Your answer should be a single number: the count of lines in the records below containing the word "name".

Dataset excerpts
——

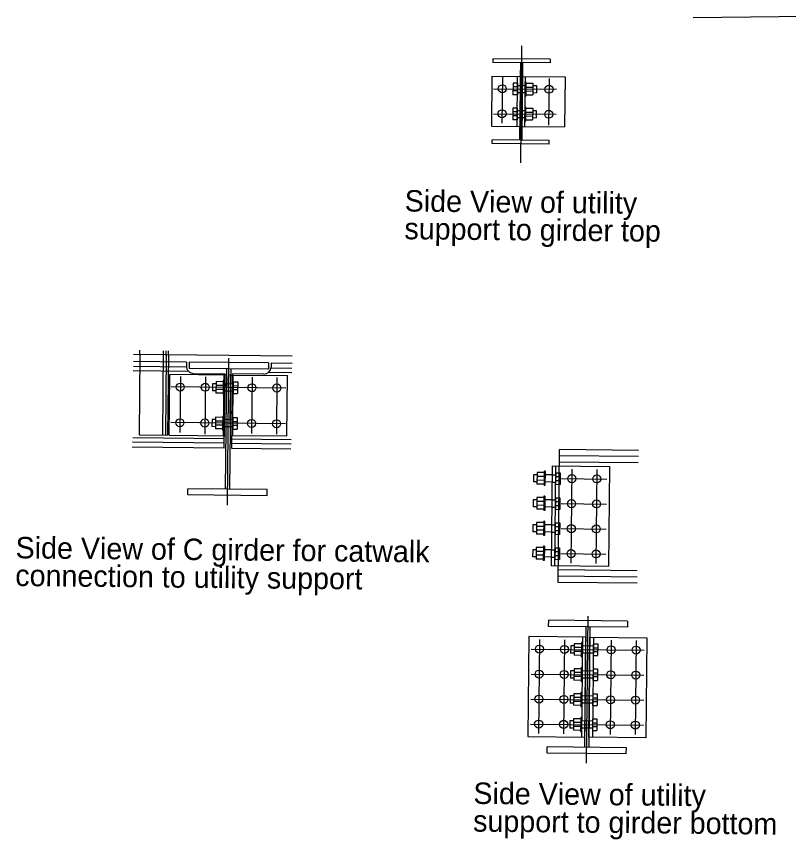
# Model space of a CAD drawing. Extents: x 632312 to 632425, y 378332 to 378413.
# Drawn here: x 632382.19 to 632391.2, y 378385.83 to 378395.43 of the extents above; entities that cross this region are included whole.
import ezdxf

# ---------------------------------------------------------------- set-up
doc = ezdxf.new("R2010")
doc.units = 0
for name, color, linetype in [('B_Boring', 7, 'Continuous'), ('B_Boring Annot', 7, 'Continuous'), ('R_Proposed Const Limits Cut', 7, 'Continuous'), ('R_Wall', 7, 'Continuous'), ('SHT_Dimensions', 7, 'Continuous'), ('USACE_Easement', 7, 'Continuous')]:
    doc.layers.add(name, color=color, linetype=linetype)

msp = doc.modelspace()

# ---------------------------------------------------------------- linework, layer by layer
at = {"layer": 'B_Boring'}
for p, q in [((632387.7503, 378394.9372), (632387.7498, 378394.8943)), ((632388.4177, 378394.9306), (632387.7503, 378394.9372)), ((632388.4173, 378394.8877), (632387.7498, 378394.8943)), ((632388.0713, 378394.8911), (632388.0623, 378393.9853)), ((632388.0959, 378394.8909), (632388.0869, 378393.9851)), ((632388.4177, 378394.9306), (632388.4173, 378394.8877)), ((632387.7382, 378394.7332), (632387.7324, 378394.1499)), ((632387.7382, 378394.7332), (632388.0697, 378394.7299)), ((632387.9855, 378394.6526), (632387.9842, 378394.5172)), ((632388.0376, 378394.6521), (632387.9855, 378394.6526)), ((632388.0326, 378394.1469), (632388.0384, 378394.7302)), ((632388.0376, 378394.6521), (632388.0363, 378394.5167)), ((632388.0943, 378394.7297), (632388.5923, 378394.7247)), ((632388.1255, 378394.7293), (632388.1197, 378394.146)), ((632388.1249, 378394.6668), (632388.1232, 378394.5002)), ((632388.1249, 378394.6668), (632388.1353, 378394.6667)), ((632388.1353, 378394.6667), (632388.1336, 378394.5001)), ((632388.1351, 378394.6511), (632388.2185, 378394.6503)), ((632388.2185, 378394.6503), (632388.2171, 378394.5149)), ((632388.5923, 378394.7247), (632388.5865, 378394.1414)), ((632388.0367, 378394.5618), (632387.9847, 378394.5623)), ((632388.0372, 378394.607), (632387.9851, 378394.6075)), ((632388.1342, 378394.5608), (632388.2176, 378394.56)), ((632388.1347, 378394.606), (632388.218, 378394.6052)), ((632388.2182, 378394.6242), (632388.2599, 378394.6238)), ((632388.2599, 378394.6238), (632388.259, 378394.5405)), ((632388.0363, 378394.5167), (632387.9842, 378394.5172)), ((632388.1232, 378394.5002), (632388.1336, 378394.5001)), ((632388.1338, 378394.5157), (632388.2171, 378394.5149)), ((632388.2174, 378394.5409), (632388.259, 378394.5405)), ((632387.9826, 378394.3609), (632387.9813, 378394.2255)), ((632388.0347, 378394.3604), (632387.9826, 378394.3609)), ((632388.122, 378394.3752), (632388.1203, 378394.2085)), ((632388.122, 378394.3752), (632388.1324, 378394.3751)), ((632388.1324, 378394.3751), (632388.1307, 378394.2084)), ((632388.0338, 378394.2701), (632387.9818, 378394.2706)), ((632388.0343, 378394.3153), (632387.9822, 378394.3158)), ((632388.0347, 378394.3604), (632388.0334, 378394.225)), ((632388.1313, 378394.2692), (632388.2147, 378394.2683)), ((632388.1318, 378394.3143), (632388.2151, 378394.3135)), ((632388.1322, 378394.3594), (632388.2156, 378394.3586)), ((632388.2156, 378394.3586), (632388.2142, 378394.2232)), ((632388.2153, 378394.3326), (632388.257, 378394.3321)), ((632388.257, 378394.3321), (632388.2561, 378394.2488)), ((632388.0334, 378394.225), (632387.9813, 378394.2255)), ((632388.1203, 378394.2085), (632388.1307, 378394.2084)), ((632388.1309, 378394.224), (632388.2142, 378394.2232)), ((632388.2145, 378394.2492), (632388.2561, 378394.2488)), ((632387.7324, 378394.1499), (632388.0639, 378394.1466)), ((632388.0885, 378394.1463), (632388.5865, 378394.1414)), ((632387.7404, 378393.9456), (632387.7408, 378393.9885)), ((632388.4083, 378393.9819), (632387.7408, 378393.9885)), ((632388.4079, 378393.939), (632388.4083, 378393.9819)), ((632388.4079, 378393.939), (632387.7404, 378393.9456)), ((632385.4086, 378391.4678), (632383.5584, 378391.4862)), ((632383.6308, 378391.4855), (632383.6313, 378391.5352)), ((632383.9381, 378391.4824), (632383.9385, 378391.529)), ((632383.9641, 378391.4821), (632383.9646, 378391.529)), ((632384.1753, 378391.3967), (632383.5576, 378391.4028)), ((632384.1753, 378391.3967), (632384.1748, 378391.3488)), ((632384.2065, 378391.3964), (632384.2058, 378391.3239)), ((632385.1315, 378391.3872), (632384.2065, 378391.3964)), ((632385.1315, 378391.3872), (632385.1307, 378391.3147)), ((632385.1627, 378391.3869), (632385.1622, 378391.339)), ((632385.1627, 378391.3869), (632385.4068, 378391.3845)), ((632384.1747, 378391.3384), (632383.5561, 378391.3445)), ((632385.1307, 378391.3147), (632384.2058, 378391.3239)), ((632384.632, 378389.9146), (632384.646, 378391.3195)), ((632384.6906, 378391.3191), (632384.6766, 378389.9141)), ((632385.1621, 378391.3286), (632385.4053, 378391.3261)), ((632383.973, 378390.5445), (632383.9801, 378391.2528)), ((632384.6452, 378391.2462), (632383.9801, 378391.2528)), ((632384.2573, 378391.2646), (632384.6245, 378391.261)), ((632384.6069, 378390.5382), (632384.614, 378391.2465)), ((632384.6159, 378390.3923), (632384.6245, 378391.261)), ((632384.6898, 378391.2457), (632385.355, 378391.2391)), ((632384.7108, 378391.2601), (632384.7022, 378390.3914)), ((632385.0781, 378391.2565), (632384.7108, 378391.2601)), ((632384.714, 378390.5371), (632384.7211, 378391.2454)), ((632385.3479, 378390.5308), (632385.355, 378391.2391)), ((632384.4775, 378391.1437), (632384.4767, 378391.0604)), ((632384.5192, 378391.1433), (632384.4775, 378391.1437)), ((632384.5195, 378391.1693), (632384.5181, 378391.0339)), ((632384.6023, 378391.1233), (632384.519, 378391.1242)), ((632384.6028, 378391.1685), (632384.5195, 378391.1693)), ((632384.6029, 378391.1841), (632384.6013, 378391.0175)), ((632384.6134, 378391.184), (632384.6029, 378391.1841)), ((632384.6134, 378391.184), (632384.6117, 378391.0173)), ((632384.7203, 378391.1673), (632384.7189, 378391.0319)), ((632384.7198, 378391.1222), (632384.7719, 378391.1217)), ((632384.7203, 378391.1673), (632384.7724, 378391.1668)), ((632384.7724, 378391.1668), (632384.771, 378391.0314)), ((632384.5184, 378391.0599), (632384.4767, 378391.0604)), ((632384.6014, 378391.0331), (632384.5181, 378391.0339)), ((632384.6019, 378391.0782), (632384.5186, 378391.079)), ((632384.6117, 378391.0173), (632384.6013, 378391.0175)), ((632384.7189, 378391.0319), (632384.771, 378391.0314)), ((632384.7194, 378391.077), (632384.7715, 378391.0765)), ((632384.4734, 378390.727), (632384.4726, 378390.6437)), ((632384.5151, 378390.7266), (632384.4734, 378390.727)), ((632384.5153, 378390.7527), (632384.514, 378390.6173)), ((632384.5986, 378390.7518), (632384.5153, 378390.7527)), ((632384.5988, 378390.7675), (632384.5971, 378390.6008)), ((632384.6092, 378390.7674), (632384.5988, 378390.7675)), ((632384.6092, 378390.7674), (632384.6076, 378390.6007)), ((632384.7162, 378390.7507), (632384.7148, 378390.6153)), ((632384.7162, 378390.7507), (632384.7682, 378390.7501)), ((632384.7682, 378390.7501), (632384.7669, 378390.6148)), ((632384.5142, 378390.6433), (632384.4726, 378390.6437)), ((632384.5973, 378390.6164), (632384.514, 378390.6173)), ((632384.5977, 378390.6616), (632384.5144, 378390.6624)), ((632384.5982, 378390.7067), (632384.5149, 378390.7075)), ((632384.7148, 378390.6153), (632384.7669, 378390.6148)), ((632384.7153, 378390.6604), (632384.7673, 378390.6599)), ((632384.7157, 378390.7055), (632384.7678, 378390.705)), ((632383.973, 378390.5445), (632384.6382, 378390.5379)), ((632384.6076, 378390.6007), (632384.5971, 378390.6008)), ((632385.3479, 378390.5308), (632384.6828, 378390.5375)), ((632384.6164, 378390.4506), (632383.5456, 378390.4613)), ((632384.7027, 378390.4497), (632385.3948, 378390.4429)), ((632384.6159, 378390.3923), (632383.5427, 378390.4029)), ((632384.7022, 378390.3914), (632385.3919, 378390.3846)), ((632388.5133, 378388.8256), (632388.5287, 378390.3756)), ((632389.4491, 378390.3664), (632388.5287, 378390.3756)), ((632389.4483, 378390.2939), (632388.528, 378390.3031)), ((632388.4435, 378390.1847), (632388.4319, 378389.0181)), ((632388.4435, 378390.1847), (632389.1101, 378390.1781)), ((632388.4735, 378389.0177), (632388.4851, 378390.1843)), ((632389.1101, 378390.1781), (632389.0985, 378389.0115)), ((632388.2237, 378390.0828), (632388.2229, 378389.9994)), ((632388.2654, 378390.0823), (632388.2237, 378390.0828)), ((632388.2656, 378390.1084), (632388.2643, 378389.973)), ((632388.3485, 378390.0624), (632388.2652, 378390.0632)), ((632388.349, 378390.1075), (632388.2656, 378390.1084)), ((632388.3491, 378390.1232), (632388.3475, 378389.9565)), ((632388.3595, 378390.1231), (632388.3491, 378390.1232)), ((632388.3595, 378390.1231), (632388.3579, 378389.9564)), ((632388.4424, 378390.0806), (632388.3591, 378390.0814)), ((632388.4839, 378390.0611), (632388.536, 378390.0606)), ((632388.4844, 378390.1062), (632388.5364, 378390.1057)), ((632388.5364, 378390.1057), (632388.5351, 378389.9703)), ((632388.2645, 378389.999), (632388.2229, 378389.9994)), ((632388.3476, 378389.9722), (632388.2643, 378389.973)), ((632388.3481, 378390.0173), (632388.2647, 378390.0181)), ((632388.3579, 378389.9564), (632388.3475, 378389.9565)), ((632388.4416, 378389.9973), (632388.3583, 378389.9981)), ((632388.483, 378389.9708), (632388.5351, 378389.9703)), ((632388.4835, 378390.0159), (632388.5356, 378390.0154)), ((632384.1911, 378389.8465), (632384.1918, 378389.919)), ((632385.1168, 378389.9098), (632384.1918, 378389.919)), ((632385.116, 378389.8373), (632385.1168, 378389.9098)), ((632385.116, 378389.8373), (632384.1911, 378389.8465)), ((632388.2208, 378389.7911), (632388.22, 378389.7078)), ((632388.2625, 378389.7907), (632388.2208, 378389.7911)), ((632388.2627, 378389.8167), (632388.2614, 378389.6813)), ((632388.3456, 378389.7708), (632388.2623, 378389.7716)), ((632388.3461, 378389.8159), (632388.2627, 378389.8167)), ((632388.3462, 378389.8315), (632388.3446, 378389.6649)), ((632388.3566, 378389.8314), (632388.3462, 378389.8315)), ((632388.3566, 378389.8314), (632388.355, 378389.6648)), ((632388.4395, 378389.7889), (632388.3562, 378389.7898)), ((632388.481, 378389.7694), (632388.5331, 378389.7689)), ((632388.4815, 378389.8145), (632388.5335, 378389.814)), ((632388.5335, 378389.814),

——

Output of the exercise
2